> **Aim of the exercise**: Every line below that includes the word "DECAL" needs to be copied.

____

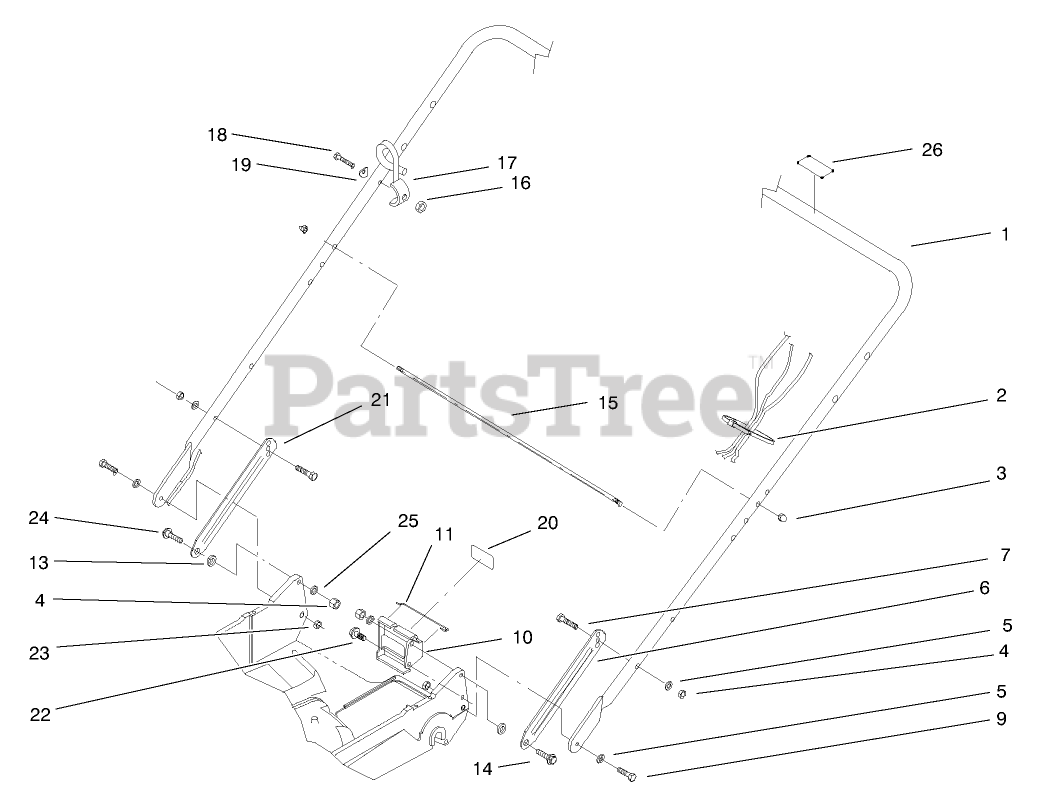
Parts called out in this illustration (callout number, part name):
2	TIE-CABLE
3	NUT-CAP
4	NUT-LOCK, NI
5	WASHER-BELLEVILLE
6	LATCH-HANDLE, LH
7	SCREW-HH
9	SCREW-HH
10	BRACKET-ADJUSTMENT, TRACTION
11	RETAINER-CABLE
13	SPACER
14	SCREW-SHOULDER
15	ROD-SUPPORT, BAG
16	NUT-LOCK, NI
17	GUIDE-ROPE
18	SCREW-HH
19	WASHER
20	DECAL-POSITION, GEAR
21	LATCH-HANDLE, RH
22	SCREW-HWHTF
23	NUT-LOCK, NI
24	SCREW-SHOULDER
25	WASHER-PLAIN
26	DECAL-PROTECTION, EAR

____

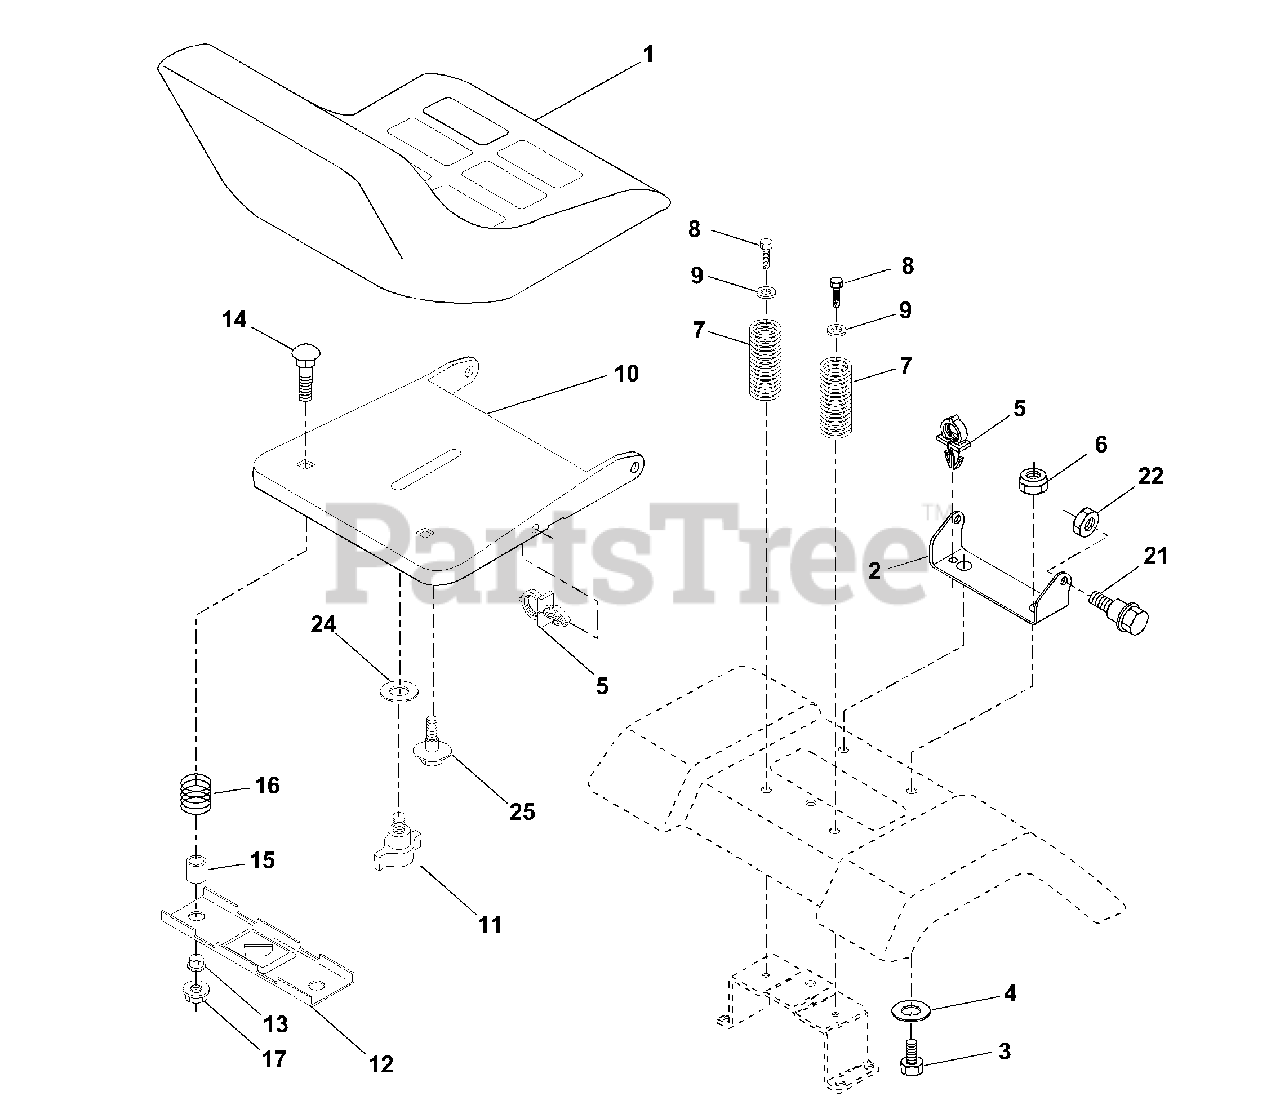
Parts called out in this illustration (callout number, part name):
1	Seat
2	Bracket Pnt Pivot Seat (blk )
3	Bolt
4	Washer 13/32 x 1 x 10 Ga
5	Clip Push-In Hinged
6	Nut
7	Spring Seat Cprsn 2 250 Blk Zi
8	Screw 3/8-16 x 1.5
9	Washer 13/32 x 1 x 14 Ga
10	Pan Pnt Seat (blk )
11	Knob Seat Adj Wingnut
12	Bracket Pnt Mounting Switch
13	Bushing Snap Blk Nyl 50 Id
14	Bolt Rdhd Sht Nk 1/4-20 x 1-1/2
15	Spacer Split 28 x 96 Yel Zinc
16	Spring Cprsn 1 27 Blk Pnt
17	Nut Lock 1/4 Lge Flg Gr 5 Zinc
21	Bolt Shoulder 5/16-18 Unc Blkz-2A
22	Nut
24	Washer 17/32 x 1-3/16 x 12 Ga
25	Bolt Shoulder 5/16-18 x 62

____

> **Written response**:
20	DECAL-POSITION, GEAR
26	DECAL-PROTECTION, EAR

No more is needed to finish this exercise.